◆ Information shown

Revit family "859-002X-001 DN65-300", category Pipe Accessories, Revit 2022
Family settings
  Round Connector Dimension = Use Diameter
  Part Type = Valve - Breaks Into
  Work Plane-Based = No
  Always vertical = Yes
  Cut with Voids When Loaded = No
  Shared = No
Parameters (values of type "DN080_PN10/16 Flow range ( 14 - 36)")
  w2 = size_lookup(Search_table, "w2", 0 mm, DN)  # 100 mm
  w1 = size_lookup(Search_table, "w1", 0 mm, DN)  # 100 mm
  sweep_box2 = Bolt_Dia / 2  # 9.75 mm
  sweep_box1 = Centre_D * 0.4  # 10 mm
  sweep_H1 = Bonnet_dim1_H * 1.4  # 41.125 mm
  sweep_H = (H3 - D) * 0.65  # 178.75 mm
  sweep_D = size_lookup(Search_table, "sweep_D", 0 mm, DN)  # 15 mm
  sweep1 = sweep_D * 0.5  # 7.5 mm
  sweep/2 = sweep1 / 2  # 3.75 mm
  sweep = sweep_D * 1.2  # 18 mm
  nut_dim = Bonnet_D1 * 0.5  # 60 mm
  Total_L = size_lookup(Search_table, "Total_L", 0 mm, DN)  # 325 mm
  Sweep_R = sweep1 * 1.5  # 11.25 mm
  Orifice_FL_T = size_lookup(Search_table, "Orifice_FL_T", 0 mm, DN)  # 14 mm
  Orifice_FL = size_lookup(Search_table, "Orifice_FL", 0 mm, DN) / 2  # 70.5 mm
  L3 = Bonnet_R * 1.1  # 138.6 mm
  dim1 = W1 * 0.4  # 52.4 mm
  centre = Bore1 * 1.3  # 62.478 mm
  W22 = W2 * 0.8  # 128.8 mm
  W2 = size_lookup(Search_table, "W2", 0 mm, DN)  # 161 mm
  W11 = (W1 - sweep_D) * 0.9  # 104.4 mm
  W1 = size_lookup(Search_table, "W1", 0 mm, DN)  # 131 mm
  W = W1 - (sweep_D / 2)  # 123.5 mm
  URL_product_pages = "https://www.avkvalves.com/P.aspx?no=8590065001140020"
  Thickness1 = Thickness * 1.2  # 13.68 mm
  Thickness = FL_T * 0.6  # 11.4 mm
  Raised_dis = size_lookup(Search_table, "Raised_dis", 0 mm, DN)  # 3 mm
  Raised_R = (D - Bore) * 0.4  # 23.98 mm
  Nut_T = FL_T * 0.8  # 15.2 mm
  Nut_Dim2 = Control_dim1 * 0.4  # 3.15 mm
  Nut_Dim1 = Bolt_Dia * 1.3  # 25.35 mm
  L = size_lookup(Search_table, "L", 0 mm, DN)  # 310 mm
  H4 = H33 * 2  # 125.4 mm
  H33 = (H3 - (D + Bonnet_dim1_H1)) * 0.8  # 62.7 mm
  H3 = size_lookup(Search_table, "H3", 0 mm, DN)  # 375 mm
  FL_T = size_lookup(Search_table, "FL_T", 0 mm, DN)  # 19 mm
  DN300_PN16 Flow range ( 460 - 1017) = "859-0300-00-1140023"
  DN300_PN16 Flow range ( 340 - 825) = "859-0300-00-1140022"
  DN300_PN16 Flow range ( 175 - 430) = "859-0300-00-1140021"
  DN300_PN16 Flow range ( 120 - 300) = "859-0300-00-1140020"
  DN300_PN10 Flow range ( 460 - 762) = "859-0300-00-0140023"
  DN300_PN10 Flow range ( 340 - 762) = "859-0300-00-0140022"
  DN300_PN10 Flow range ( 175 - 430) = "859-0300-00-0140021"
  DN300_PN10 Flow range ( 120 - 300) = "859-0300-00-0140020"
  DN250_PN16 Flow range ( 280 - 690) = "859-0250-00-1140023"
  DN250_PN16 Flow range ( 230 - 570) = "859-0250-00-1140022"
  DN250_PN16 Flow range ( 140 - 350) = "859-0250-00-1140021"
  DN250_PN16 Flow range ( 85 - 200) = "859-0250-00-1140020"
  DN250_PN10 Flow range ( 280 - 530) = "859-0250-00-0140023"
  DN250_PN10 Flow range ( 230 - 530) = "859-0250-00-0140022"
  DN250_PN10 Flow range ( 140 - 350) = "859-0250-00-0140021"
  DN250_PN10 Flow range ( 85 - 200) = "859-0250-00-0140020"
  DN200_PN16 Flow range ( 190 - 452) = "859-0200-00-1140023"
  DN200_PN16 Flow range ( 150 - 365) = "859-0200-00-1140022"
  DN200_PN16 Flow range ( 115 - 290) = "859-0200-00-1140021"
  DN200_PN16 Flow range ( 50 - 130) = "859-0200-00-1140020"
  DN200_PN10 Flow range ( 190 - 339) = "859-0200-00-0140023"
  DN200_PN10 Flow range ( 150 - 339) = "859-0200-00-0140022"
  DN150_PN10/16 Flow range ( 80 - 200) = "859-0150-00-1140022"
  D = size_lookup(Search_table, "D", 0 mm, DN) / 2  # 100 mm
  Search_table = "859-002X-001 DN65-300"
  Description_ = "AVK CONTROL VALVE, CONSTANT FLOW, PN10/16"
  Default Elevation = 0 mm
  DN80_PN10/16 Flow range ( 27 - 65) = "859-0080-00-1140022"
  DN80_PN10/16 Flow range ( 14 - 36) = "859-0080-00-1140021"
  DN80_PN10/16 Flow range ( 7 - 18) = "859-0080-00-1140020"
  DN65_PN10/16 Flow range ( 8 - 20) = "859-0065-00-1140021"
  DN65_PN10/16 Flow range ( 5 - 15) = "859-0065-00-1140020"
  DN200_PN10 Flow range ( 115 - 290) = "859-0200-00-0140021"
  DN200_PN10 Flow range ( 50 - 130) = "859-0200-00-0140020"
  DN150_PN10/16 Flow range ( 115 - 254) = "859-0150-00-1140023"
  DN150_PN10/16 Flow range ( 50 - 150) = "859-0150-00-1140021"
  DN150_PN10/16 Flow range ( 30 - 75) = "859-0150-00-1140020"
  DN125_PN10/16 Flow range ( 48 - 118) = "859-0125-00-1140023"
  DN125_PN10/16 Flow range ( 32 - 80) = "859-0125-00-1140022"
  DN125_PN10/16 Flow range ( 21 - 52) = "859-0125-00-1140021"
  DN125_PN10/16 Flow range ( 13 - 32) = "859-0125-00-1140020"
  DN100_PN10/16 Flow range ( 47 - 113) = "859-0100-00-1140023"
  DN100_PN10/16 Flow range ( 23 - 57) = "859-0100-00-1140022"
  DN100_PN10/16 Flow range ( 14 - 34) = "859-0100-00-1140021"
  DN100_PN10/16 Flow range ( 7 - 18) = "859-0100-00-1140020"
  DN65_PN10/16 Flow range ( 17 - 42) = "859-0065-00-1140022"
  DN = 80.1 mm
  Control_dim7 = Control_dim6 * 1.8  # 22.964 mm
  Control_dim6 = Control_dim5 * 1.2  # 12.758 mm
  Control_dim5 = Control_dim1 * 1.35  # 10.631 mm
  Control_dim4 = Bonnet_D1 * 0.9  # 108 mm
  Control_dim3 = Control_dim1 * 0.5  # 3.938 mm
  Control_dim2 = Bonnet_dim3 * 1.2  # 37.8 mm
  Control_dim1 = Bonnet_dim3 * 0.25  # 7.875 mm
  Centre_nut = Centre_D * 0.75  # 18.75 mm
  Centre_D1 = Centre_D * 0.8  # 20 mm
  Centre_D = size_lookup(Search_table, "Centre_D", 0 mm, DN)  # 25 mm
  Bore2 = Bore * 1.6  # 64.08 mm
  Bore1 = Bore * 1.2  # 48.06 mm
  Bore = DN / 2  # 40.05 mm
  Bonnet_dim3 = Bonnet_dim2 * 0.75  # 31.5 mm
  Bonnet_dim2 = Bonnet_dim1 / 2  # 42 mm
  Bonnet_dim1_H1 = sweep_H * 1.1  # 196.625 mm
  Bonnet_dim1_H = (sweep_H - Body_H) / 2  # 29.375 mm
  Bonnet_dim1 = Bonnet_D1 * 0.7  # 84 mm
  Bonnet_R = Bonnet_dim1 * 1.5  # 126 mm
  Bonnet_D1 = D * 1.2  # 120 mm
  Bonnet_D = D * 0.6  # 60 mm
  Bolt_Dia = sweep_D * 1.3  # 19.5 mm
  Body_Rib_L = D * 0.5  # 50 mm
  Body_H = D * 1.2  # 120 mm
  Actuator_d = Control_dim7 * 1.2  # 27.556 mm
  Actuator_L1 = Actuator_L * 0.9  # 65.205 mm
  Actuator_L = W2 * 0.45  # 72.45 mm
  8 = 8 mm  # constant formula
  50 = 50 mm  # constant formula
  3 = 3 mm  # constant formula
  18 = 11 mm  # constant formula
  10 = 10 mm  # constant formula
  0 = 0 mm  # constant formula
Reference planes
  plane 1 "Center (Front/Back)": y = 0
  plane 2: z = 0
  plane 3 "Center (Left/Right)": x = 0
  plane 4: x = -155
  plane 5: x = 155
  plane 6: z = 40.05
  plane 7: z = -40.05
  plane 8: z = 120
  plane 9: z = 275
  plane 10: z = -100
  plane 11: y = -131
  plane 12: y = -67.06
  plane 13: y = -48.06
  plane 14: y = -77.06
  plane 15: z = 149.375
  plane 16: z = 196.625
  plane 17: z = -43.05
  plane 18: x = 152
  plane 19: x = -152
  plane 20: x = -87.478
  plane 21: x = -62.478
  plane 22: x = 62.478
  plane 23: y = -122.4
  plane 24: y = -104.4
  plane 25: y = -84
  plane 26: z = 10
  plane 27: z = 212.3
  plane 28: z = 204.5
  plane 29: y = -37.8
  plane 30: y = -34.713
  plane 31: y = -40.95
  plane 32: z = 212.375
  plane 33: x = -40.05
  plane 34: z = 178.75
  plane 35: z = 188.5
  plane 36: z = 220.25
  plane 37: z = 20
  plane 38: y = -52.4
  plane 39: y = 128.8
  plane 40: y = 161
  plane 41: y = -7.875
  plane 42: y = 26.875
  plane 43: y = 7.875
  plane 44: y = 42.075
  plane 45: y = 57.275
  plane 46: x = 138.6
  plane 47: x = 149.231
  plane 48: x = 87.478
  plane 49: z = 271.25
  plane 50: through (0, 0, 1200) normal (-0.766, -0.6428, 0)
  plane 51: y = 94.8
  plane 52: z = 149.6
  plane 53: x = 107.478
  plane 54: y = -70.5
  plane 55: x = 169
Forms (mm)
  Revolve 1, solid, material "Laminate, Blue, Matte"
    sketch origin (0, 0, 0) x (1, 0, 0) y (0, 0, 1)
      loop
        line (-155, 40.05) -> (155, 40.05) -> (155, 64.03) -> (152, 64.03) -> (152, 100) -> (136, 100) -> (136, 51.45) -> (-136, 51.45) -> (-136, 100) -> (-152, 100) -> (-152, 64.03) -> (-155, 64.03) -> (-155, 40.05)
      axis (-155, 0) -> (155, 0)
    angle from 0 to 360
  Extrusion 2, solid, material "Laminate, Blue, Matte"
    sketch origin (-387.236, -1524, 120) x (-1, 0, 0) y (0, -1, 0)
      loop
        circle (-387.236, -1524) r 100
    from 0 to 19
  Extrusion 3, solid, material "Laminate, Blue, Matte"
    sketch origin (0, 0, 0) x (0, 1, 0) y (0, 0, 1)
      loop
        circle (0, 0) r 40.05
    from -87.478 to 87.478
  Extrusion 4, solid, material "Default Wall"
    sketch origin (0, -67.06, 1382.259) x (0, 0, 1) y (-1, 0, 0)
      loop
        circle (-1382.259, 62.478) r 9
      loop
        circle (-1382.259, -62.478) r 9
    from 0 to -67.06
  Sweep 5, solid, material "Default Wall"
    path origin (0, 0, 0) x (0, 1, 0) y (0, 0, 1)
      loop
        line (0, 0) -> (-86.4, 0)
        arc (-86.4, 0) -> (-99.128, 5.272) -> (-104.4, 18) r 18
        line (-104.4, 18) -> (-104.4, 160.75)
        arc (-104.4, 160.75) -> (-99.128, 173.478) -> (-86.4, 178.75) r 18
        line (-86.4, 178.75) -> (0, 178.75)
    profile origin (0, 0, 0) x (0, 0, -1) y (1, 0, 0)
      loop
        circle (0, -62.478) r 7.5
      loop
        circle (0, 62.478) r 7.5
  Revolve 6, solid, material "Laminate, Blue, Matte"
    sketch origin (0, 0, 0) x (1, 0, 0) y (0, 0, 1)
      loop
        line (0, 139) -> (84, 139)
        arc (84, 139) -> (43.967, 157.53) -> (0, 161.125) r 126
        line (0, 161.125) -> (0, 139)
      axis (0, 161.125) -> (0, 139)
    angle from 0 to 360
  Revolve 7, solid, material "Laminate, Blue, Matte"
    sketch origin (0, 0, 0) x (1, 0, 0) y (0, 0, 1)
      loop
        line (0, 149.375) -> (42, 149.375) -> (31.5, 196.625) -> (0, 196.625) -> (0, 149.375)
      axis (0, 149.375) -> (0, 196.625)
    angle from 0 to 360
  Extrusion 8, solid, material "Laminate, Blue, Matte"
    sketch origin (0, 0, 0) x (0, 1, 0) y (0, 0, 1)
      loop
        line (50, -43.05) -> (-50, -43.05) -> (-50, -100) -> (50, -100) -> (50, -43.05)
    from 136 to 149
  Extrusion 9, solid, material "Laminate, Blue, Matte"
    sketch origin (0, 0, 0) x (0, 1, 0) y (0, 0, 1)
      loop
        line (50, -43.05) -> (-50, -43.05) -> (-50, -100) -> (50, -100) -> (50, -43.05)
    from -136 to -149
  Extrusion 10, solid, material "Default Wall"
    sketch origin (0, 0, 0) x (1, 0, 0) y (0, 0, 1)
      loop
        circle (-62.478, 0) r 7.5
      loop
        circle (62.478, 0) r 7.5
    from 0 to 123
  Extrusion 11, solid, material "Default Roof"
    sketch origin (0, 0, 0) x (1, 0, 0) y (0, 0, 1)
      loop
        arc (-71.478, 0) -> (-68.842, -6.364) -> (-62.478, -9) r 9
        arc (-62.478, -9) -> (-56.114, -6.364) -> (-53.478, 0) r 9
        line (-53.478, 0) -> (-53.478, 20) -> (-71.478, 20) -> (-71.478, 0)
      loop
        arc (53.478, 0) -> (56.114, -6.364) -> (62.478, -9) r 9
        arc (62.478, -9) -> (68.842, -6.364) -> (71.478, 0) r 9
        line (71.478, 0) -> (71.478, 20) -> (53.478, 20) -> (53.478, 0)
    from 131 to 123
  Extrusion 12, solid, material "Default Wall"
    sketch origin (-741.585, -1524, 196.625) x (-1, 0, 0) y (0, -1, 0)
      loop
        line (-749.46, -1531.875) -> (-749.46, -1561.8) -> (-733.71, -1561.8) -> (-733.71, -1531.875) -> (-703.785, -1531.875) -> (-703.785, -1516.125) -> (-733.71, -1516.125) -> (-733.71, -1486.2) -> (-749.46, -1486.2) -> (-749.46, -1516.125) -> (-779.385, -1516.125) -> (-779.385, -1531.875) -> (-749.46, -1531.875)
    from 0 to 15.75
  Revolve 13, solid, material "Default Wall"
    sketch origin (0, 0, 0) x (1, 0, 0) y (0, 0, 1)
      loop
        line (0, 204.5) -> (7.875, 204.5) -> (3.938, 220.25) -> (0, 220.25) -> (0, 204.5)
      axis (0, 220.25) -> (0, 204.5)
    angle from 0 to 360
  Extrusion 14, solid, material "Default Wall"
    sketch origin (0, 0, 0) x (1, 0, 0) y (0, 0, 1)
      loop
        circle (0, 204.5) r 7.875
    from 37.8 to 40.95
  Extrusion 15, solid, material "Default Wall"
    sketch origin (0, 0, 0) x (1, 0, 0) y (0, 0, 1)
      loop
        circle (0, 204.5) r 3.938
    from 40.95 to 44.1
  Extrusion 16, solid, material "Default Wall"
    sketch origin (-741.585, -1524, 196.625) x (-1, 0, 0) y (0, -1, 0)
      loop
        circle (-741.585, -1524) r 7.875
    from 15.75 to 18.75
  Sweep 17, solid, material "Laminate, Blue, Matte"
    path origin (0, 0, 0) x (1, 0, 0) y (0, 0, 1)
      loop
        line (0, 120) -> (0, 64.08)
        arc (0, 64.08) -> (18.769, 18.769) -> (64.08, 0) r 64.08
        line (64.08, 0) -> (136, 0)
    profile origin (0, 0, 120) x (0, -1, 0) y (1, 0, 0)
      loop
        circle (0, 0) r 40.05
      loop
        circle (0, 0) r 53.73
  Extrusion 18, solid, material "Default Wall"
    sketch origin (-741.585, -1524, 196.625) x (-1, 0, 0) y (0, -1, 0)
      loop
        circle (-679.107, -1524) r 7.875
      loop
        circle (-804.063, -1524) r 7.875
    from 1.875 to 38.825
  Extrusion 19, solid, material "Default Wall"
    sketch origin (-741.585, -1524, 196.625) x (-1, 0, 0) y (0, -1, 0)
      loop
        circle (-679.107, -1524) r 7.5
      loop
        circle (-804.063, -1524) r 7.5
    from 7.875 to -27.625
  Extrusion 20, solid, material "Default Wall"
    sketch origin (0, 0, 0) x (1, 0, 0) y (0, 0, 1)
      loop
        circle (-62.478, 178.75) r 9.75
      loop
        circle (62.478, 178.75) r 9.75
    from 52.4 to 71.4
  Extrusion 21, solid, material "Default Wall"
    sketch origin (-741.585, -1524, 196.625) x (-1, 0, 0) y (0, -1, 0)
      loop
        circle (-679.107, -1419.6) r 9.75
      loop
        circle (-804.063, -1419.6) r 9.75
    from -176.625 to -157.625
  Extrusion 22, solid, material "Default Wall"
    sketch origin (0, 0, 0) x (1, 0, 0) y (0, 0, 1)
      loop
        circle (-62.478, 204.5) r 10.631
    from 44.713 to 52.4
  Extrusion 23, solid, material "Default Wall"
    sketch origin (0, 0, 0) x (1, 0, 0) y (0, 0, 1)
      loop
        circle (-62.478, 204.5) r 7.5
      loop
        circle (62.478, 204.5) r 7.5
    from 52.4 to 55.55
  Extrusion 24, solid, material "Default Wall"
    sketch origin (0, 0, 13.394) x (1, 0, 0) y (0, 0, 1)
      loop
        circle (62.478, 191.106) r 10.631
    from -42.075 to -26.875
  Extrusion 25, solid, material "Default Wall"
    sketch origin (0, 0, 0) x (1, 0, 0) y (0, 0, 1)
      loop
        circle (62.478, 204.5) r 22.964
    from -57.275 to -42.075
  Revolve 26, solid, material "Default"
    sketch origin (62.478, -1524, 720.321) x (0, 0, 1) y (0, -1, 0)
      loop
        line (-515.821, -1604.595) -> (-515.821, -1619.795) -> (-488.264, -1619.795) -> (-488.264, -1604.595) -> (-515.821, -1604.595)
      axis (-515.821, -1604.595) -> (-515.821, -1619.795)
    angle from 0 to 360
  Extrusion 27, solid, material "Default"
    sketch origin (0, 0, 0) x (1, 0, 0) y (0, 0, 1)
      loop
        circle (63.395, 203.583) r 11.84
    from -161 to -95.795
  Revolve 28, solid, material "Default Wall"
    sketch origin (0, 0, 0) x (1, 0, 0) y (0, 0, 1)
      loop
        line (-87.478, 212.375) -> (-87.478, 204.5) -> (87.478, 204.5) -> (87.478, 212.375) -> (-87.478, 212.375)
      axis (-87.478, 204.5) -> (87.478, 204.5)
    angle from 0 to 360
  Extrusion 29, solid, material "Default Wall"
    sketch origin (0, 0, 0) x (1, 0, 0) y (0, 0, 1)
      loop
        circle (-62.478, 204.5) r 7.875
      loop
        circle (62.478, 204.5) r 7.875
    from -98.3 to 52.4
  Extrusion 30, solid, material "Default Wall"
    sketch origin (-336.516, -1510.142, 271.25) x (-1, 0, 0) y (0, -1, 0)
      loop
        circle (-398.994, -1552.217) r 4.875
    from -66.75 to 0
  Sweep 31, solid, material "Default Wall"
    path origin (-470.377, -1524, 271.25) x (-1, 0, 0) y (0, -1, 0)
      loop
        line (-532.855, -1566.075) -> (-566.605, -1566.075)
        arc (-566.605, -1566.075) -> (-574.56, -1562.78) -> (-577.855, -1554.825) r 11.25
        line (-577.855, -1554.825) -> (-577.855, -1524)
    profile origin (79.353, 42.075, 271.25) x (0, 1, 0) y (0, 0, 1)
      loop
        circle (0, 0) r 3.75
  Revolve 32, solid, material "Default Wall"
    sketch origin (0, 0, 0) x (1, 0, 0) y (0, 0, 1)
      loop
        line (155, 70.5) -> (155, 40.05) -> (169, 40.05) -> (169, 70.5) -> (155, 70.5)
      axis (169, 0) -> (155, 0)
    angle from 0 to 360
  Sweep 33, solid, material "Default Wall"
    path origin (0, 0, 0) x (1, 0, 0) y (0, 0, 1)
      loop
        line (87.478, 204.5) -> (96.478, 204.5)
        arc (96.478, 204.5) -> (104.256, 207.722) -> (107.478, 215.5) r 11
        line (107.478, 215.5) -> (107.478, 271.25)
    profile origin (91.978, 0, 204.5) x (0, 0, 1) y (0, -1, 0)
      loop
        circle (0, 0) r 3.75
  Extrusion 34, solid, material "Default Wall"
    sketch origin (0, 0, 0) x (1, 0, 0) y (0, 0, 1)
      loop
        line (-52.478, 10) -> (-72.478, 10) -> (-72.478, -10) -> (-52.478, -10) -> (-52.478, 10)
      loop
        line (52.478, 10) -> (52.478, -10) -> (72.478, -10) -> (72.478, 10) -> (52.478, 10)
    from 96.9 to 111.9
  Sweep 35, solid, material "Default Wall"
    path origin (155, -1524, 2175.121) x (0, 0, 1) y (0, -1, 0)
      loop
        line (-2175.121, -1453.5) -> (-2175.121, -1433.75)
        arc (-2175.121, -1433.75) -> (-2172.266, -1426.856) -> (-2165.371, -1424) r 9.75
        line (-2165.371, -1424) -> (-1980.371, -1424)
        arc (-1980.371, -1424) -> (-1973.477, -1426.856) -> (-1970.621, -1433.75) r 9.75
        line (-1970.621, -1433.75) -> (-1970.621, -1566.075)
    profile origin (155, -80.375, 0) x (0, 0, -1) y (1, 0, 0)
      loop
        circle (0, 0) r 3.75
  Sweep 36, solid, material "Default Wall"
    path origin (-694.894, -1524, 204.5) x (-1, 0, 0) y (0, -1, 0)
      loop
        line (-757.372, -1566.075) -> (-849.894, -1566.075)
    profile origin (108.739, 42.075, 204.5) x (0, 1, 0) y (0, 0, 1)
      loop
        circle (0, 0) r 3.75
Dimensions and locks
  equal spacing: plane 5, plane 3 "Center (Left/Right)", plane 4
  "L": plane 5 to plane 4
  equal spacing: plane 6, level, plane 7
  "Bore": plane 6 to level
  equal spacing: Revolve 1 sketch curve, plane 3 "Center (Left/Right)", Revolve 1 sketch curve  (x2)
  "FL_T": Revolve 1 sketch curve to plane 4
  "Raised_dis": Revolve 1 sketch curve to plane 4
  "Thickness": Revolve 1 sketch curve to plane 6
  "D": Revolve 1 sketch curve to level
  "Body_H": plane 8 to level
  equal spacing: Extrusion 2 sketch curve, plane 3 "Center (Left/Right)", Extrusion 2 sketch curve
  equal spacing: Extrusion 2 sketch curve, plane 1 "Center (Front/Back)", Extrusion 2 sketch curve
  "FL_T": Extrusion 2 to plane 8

◆ Problem details
Copy each line of the listing above that contains the word "Left".

◆ Exercise solution
  plane 3 "Center (Left/Right)": x = 0
  equal spacing: plane 5, plane 3 "Center (Left/Right)", plane 4
  equal spacing: Revolve 1 sketch curve, plane 3 "Center (Left/Right)", Revolve 1 sketch curve  (x2)
  equal spacing: Extrusion 2 sketch curve, plane 3 "Center (Left/Right)", Extrusion 2 sketch curve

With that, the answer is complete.